# Wood stump house



## Edwin_zai (Oct 24, 2011)

Hi everyone...

I am kinda new here. I am thinking to make a wood stump house for both my hedgies from the wood logs that were cut down from a tree. Just to give a natural look and allow both my Ah Girl and Ah Boy (the name may sound lame but it was name by my mom and uncle) to climb and hide also.

The wood I am gonna to use was taken from tree branches that were cut down. The tree branches were left there so I am intending to take it to make the stump and some branches for them to climb.

I will illusterate how I am going to do it.
I will remove the periderm layer and wash the wood to remove any dust or dirt on it.
Then let it dry for a week or two cause I don't want it to rot.
After that I will carve the internal of the wood to make a hole for hideout and of course there will be a enterance to allow my hedgie to enter.
I will carve the smooth outer side of the log to make it rougher so both of them can climb to the top of the stump.
That what I intend to do. I hope everyone will understand what I am writing here...

I get the idea from the belong link,
http://www.instructables.com/id/Hedgeho ... -Home/?f=m
I am going to use wood instead of what the link show.

There are few question I would like to ask,
1. Is the wood safe for them? 
I think they never treat the tree with pesticide...
I was wondering whether it will be safe cause I know they will bite it... My Ah Boy will just bite and self anting on anything he found interesting....

2.Should I paint it or just let it be as it is?

There is one further problem I realize after I want toile the stump, what should I do if their pee get into the wood? It will definitely smell but anyone had any idea how to remove the smell from wood if they per on the wood?
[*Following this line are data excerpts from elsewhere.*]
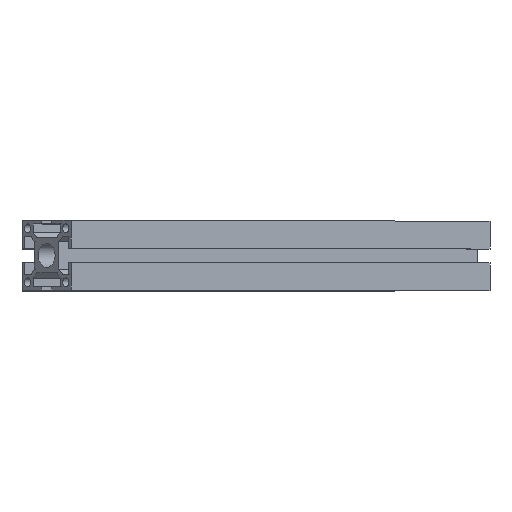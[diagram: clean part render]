
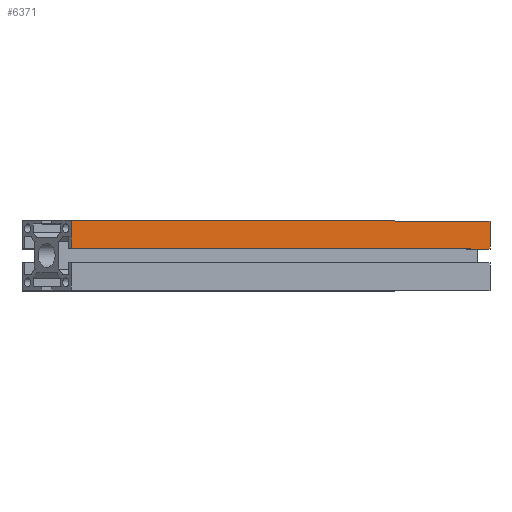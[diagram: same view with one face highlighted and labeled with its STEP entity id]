
A CAD part, top view. The second image highlights one B-rep face of the part: STEP entity #6371.
In plain terms, the highlighted planar face has unit normal (0.707, 0, 0.707) as drawn and (1, 0, 0) by its records, which use the part's own axes.
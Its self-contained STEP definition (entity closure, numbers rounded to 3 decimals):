
#4741=CARTESIAN_POINT('',(40.0,24.,0.0));
#4742=VERTEX_POINT('',#4741);
#5077=CARTESIAN_POINT('',(40.0,40.,0.0));
#5078=VERTEX_POINT('',#5077);
#5085=CARTESIAN_POINT('',(40.0,24.,0.0));
#5086=DIRECTION('',(0.0,1.0,0.0));
#5087=VECTOR('',#5086,16.0);
#5088=LINE('',#5085,#5087);
#5089=EDGE_CURVE('',#4742,#5078,#5088,.T.);
#5711=CARTESIAN_POINT('',(40.0,24.,340.));
#5712=VERTEX_POINT('',#5711);
#5719=CARTESIAN_POINT('',(40.0,40.,340.));
#5720=VERTEX_POINT('',#5719);
#5721=CARTESIAN_POINT('',(40.0,40.,340.));
#5722=DIRECTION('',(0.0,-1.0,0.0));
#5723=VECTOR('',#5722,16.0);
#5724=LINE('',#5721,#5723);
#5725=EDGE_CURVE('',#5720,#5712,#5724,.T.);
#5949=CARTESIAN_POINT('',(40.0,24.,0.0));
#5950=DIRECTION('',(0.0,0.0,1.0));
#5951=VECTOR('',#5950,340.);
#5952=LINE('',#5949,#5951);
#5953=EDGE_CURVE('',#4742,#5712,#5952,.T.);
#6351=CARTESIAN_POINT('',(40.0,40.,0.0));
#6352=DIRECTION('',(0.0,0.0,1.0));
#6353=VECTOR('',#6352,340.);
#6354=LINE('',#6351,#6353);
#6355=EDGE_CURVE('',#5078,#5720,#6354,.T.);
#6360=CARTESIAN_POINT('',(40.0,40.,-1.));
#6361=DIRECTION('',(1.0,0.0,0.0));
#6362=DIRECTION('',(0.0,0.0,-1.0));
#6363=AXIS2_PLACEMENT_3D('',#6360,#6361,#6362);
#6364=PLANE('',#6363);
#6365=ORIENTED_EDGE('',*,*,#5089,.T.);
#6366=ORIENTED_EDGE('',*,*,#6355,.T.);
#6367=ORIENTED_EDGE('',*,*,#5725,.T.);
#6368=ORIENTED_EDGE('',*,*,#5953,.F.);
#6369=EDGE_LOOP('',(#6365,#6366,#6367,#6368));
#6370=FACE_OUTER_BOUND('',#6369,.T.);
#6371=ADVANCED_FACE('',(#6370),#6364,.T.);

I need some some advise whether or not to use the wood to make the stump?


----------



## LarryT (May 12, 2009)

Sounds like a lovely idea  just keep in mind that wood will harbor mites so you will need to seal it with something that's safe for animals.


----------



## Edwin_zai (Oct 24, 2011)

Thanks...
Any idea on what to use as sealer for the wood? Or should I just buy a paint that are safe for animal? but I doubt it will be any safe for them as they will bite it out of curiousity...
Or is there a way to prevent wood mite?


----------



## Hedgieonboard (Nov 15, 2009)

I have heard of people using water downed Gorilla Glue when making DIY projects for lizards. I don't know if it would or wouldn't be safe for hedgehogs but from what I can tell it looks like a really good sealer that doesn't let off odors.


----------



## shawnwk1 (Jul 8, 2011)

i don't think gorilla glue is going to prevent mites though  also as you mentioned urine and feces is going to get on it and there is no way to really sanitize and clean the wood very easily or get the smell out and would the urine cause the wood to mold? i really don't know the answer to that i'm actually curious if it would. i would assume it would since it would be sitting on the wood and soaking into it. 

good idea, but maybe you could use something other than wood?


----------